=== Required work ===
Take from the records below each line that holds "Section".

=== Study material ===
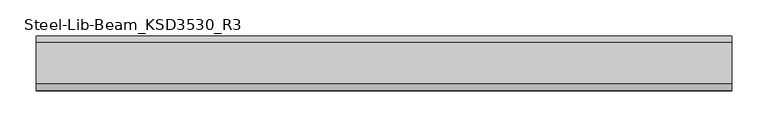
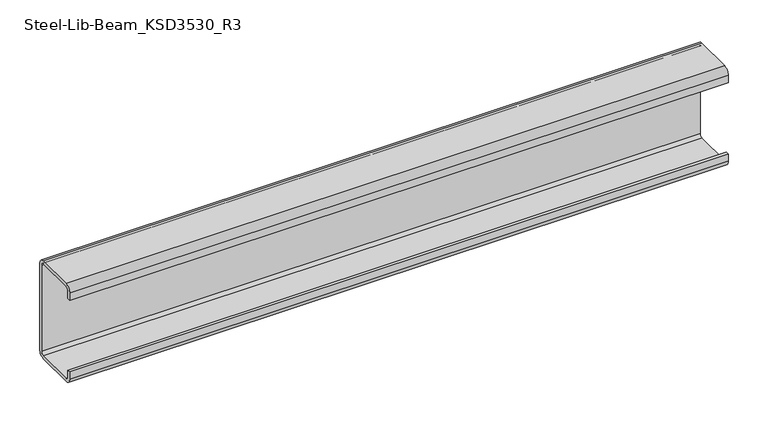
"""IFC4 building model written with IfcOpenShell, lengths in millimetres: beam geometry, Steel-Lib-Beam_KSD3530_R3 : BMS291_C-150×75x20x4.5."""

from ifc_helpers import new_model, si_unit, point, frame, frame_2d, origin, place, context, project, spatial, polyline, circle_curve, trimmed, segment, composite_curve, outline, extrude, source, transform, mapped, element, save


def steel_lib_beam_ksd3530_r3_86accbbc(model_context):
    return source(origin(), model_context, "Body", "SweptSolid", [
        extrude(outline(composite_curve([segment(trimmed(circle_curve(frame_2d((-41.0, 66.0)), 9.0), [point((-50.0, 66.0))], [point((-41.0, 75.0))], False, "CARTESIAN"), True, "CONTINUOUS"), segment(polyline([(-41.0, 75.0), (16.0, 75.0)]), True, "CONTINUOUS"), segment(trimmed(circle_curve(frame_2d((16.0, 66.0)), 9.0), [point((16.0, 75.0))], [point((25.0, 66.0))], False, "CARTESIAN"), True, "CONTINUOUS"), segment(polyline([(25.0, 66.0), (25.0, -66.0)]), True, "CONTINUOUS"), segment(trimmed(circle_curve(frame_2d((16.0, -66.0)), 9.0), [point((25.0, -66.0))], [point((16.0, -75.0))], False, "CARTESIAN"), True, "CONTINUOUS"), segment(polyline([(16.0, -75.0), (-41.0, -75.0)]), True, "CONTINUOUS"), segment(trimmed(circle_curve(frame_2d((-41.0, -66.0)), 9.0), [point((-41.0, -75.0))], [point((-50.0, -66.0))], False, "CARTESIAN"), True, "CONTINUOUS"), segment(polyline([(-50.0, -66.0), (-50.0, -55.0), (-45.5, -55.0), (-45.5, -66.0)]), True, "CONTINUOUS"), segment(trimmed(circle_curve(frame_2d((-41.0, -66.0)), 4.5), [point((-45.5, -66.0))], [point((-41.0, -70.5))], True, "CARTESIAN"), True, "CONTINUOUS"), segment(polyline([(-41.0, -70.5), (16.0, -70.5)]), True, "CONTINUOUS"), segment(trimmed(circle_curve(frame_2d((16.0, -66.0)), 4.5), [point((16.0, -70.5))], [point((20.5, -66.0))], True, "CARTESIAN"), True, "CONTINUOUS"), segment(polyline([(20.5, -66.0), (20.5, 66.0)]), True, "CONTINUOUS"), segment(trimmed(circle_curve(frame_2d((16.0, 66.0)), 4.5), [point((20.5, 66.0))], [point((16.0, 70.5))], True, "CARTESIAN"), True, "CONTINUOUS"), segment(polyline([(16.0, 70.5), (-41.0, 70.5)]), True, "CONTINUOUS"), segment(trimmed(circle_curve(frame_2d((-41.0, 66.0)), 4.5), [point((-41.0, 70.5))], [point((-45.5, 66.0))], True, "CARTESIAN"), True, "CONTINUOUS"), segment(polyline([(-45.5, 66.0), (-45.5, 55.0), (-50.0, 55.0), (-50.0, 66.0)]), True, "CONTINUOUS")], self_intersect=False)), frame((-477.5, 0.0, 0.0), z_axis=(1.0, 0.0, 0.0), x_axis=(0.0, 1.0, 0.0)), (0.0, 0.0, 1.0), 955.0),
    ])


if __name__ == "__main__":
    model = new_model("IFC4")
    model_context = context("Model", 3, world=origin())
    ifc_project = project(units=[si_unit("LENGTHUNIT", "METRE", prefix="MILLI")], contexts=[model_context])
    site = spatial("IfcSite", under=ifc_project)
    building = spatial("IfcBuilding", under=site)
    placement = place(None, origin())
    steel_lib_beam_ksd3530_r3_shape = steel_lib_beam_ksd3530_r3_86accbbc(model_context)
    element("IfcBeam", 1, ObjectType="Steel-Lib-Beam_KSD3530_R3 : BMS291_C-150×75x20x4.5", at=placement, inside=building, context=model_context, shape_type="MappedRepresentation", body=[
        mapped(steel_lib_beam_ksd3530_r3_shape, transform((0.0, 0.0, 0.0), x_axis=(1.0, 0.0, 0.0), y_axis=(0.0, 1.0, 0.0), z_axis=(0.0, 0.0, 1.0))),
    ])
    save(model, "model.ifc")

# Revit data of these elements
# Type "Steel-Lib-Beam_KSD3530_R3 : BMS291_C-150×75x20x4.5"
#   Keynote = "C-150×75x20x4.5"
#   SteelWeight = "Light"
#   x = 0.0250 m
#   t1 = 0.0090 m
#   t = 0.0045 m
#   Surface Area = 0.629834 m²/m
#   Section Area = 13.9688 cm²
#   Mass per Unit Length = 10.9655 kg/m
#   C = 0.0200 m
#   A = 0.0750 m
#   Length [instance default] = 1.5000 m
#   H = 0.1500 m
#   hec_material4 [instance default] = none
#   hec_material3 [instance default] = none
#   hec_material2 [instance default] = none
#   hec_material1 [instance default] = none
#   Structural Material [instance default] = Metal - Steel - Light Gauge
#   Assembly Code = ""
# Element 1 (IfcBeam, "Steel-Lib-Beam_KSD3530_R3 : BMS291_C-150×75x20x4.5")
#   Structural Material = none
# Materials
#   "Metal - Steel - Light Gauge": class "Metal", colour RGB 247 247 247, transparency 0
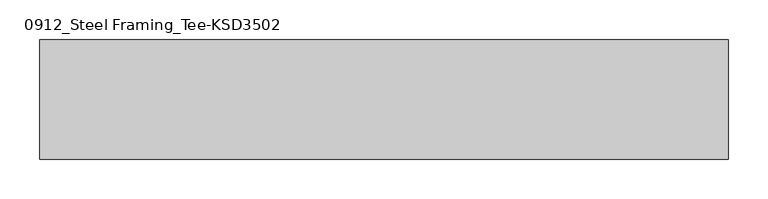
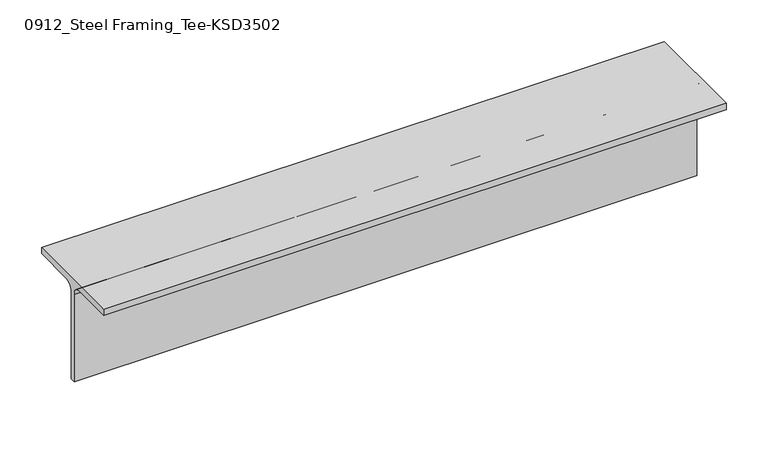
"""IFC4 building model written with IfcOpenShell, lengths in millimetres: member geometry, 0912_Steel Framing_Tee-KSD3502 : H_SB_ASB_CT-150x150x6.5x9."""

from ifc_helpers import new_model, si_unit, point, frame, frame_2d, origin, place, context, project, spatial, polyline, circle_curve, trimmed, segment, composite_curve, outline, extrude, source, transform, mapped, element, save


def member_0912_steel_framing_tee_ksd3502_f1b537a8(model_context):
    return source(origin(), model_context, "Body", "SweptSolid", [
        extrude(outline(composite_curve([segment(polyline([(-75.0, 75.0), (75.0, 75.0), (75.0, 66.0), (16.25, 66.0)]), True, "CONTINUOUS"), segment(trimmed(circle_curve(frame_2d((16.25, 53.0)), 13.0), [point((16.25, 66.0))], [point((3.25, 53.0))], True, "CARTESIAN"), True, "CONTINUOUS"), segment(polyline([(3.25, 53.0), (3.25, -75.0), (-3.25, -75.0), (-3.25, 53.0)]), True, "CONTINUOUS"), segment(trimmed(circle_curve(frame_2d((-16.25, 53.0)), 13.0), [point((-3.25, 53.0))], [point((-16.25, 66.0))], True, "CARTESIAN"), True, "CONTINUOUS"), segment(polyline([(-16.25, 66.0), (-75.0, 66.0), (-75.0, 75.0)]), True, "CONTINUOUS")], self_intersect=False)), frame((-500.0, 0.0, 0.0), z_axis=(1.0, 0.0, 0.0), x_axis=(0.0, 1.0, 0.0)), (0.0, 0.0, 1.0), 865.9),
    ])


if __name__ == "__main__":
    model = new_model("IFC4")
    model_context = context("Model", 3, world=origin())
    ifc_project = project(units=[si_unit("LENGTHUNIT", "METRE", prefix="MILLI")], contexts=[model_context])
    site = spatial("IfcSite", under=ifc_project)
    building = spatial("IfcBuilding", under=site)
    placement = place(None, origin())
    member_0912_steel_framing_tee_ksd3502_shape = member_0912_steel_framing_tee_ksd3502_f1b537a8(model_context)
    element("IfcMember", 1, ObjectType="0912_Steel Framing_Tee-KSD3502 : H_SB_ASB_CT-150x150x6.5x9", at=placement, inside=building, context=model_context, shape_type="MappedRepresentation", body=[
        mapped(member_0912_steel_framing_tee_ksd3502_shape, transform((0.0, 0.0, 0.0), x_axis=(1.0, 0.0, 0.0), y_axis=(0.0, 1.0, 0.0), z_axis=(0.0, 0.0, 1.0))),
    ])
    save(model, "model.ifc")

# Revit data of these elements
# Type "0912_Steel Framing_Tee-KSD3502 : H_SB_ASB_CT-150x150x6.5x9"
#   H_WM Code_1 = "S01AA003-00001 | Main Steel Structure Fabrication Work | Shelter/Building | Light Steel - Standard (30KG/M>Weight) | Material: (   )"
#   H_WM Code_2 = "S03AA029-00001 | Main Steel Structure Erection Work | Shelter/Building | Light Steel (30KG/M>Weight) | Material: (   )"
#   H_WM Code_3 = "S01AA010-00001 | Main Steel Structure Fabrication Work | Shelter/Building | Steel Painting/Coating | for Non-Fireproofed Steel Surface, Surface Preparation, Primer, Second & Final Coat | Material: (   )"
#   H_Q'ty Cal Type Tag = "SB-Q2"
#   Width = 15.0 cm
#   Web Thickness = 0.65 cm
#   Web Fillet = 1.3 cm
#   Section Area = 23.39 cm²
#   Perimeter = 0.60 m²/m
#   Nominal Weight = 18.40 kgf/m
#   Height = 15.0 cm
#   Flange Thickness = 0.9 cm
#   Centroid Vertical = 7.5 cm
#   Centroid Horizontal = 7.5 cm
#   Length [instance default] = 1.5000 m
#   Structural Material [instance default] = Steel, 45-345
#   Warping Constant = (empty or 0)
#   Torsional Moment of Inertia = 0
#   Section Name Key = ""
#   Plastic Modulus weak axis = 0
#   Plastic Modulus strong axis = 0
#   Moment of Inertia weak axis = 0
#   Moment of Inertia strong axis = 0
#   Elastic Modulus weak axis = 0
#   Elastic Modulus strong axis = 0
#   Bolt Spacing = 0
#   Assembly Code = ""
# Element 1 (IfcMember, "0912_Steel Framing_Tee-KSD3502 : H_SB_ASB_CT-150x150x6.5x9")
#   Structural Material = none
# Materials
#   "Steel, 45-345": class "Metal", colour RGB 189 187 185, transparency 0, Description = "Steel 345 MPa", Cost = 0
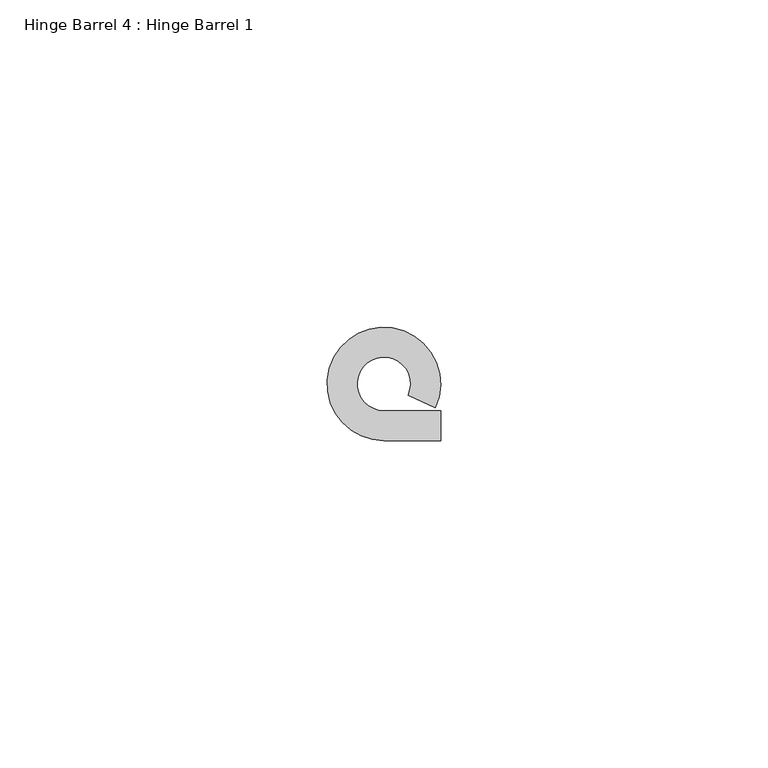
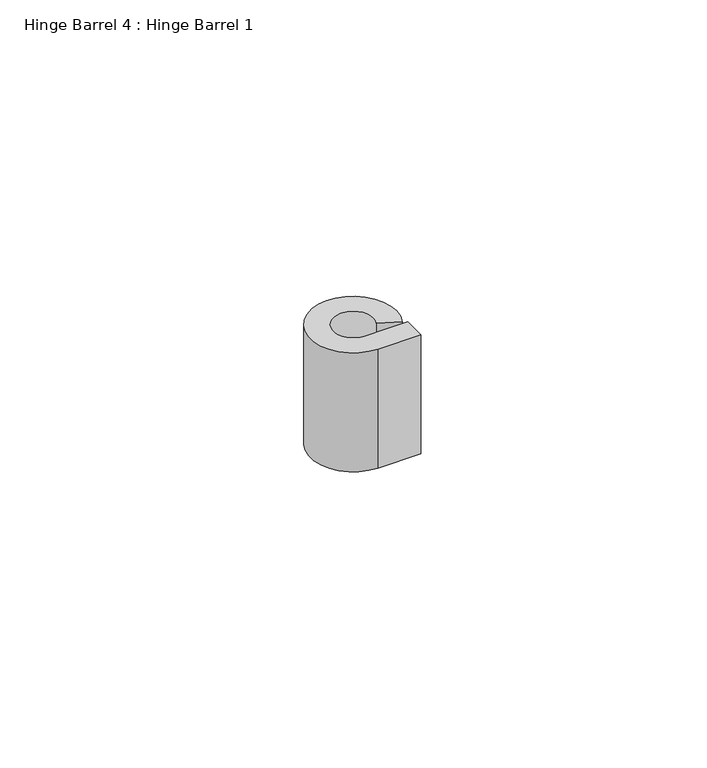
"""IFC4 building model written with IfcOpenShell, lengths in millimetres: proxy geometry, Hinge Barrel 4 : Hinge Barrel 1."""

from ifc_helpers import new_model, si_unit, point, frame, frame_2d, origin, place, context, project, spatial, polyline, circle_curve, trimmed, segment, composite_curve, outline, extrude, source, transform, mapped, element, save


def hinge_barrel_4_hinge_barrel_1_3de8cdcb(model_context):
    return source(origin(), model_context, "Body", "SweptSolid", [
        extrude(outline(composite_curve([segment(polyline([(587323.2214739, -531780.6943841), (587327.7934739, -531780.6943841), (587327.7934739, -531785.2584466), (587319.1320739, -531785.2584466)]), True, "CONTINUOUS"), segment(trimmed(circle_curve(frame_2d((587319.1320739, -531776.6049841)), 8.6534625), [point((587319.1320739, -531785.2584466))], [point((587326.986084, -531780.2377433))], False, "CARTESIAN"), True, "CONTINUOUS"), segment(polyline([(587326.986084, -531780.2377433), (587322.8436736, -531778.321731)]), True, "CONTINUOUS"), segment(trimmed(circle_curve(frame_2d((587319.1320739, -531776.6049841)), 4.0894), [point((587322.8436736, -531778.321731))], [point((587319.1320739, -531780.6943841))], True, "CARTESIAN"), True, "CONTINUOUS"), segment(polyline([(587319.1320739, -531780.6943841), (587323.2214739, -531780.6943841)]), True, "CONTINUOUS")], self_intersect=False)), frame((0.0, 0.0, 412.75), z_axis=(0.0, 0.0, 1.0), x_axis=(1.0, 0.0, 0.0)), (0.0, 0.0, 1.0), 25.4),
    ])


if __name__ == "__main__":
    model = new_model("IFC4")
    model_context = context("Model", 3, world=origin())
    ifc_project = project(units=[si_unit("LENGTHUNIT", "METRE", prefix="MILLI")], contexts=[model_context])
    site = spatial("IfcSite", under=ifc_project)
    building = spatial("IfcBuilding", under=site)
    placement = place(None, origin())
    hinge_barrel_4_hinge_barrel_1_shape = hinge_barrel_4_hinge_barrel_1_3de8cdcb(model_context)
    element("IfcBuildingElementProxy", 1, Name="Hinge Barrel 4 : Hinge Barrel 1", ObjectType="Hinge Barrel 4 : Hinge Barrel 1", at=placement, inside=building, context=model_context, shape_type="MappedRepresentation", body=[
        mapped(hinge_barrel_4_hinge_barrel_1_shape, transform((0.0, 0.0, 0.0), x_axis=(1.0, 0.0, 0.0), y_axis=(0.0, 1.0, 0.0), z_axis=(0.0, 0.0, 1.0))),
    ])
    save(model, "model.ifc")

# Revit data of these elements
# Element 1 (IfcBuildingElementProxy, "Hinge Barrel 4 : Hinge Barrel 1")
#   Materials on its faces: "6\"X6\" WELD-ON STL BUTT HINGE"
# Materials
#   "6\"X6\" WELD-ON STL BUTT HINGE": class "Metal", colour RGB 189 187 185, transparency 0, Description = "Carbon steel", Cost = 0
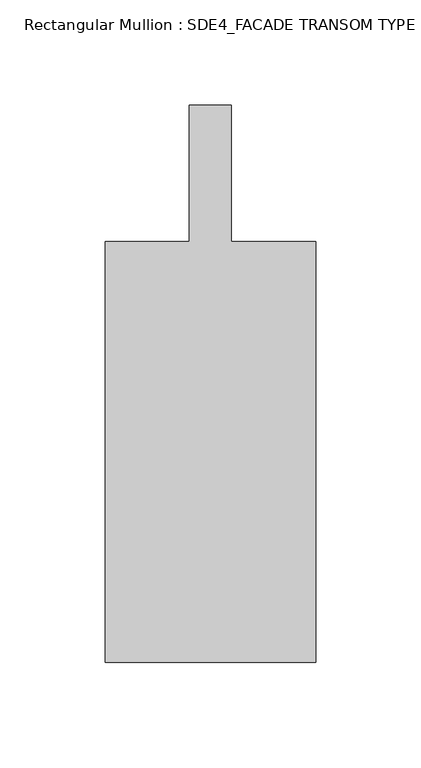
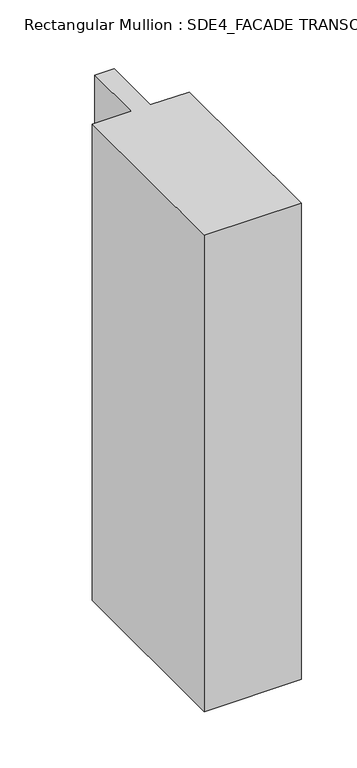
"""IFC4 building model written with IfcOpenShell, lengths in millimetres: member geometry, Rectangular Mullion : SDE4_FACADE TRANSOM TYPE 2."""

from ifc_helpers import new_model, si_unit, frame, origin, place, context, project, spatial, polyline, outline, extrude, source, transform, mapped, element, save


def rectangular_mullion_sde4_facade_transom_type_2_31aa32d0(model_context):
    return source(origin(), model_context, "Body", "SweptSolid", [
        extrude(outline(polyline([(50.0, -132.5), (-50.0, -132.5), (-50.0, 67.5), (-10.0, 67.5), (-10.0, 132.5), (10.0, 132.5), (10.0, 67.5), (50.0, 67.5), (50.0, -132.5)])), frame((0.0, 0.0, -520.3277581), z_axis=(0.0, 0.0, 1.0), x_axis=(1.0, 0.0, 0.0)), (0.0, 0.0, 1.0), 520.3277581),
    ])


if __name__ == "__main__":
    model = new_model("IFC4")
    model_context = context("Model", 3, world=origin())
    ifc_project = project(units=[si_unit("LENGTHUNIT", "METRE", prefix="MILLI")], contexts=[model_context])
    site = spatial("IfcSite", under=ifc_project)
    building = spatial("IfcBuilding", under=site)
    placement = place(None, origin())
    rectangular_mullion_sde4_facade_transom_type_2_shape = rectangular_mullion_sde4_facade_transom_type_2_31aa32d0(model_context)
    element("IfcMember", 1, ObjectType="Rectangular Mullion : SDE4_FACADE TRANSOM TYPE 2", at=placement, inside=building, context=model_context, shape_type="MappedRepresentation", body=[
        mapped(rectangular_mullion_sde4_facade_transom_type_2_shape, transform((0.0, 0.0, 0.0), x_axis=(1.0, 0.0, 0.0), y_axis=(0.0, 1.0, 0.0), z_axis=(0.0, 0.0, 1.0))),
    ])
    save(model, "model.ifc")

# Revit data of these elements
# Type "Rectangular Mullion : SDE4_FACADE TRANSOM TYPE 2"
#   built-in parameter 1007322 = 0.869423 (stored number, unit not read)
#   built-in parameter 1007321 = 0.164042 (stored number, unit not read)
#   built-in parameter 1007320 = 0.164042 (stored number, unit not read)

=== Response area ===
#   Section Area = 13.9688 cm²
#   Section Area = 23.39 cm²
#   Section Name Key = ""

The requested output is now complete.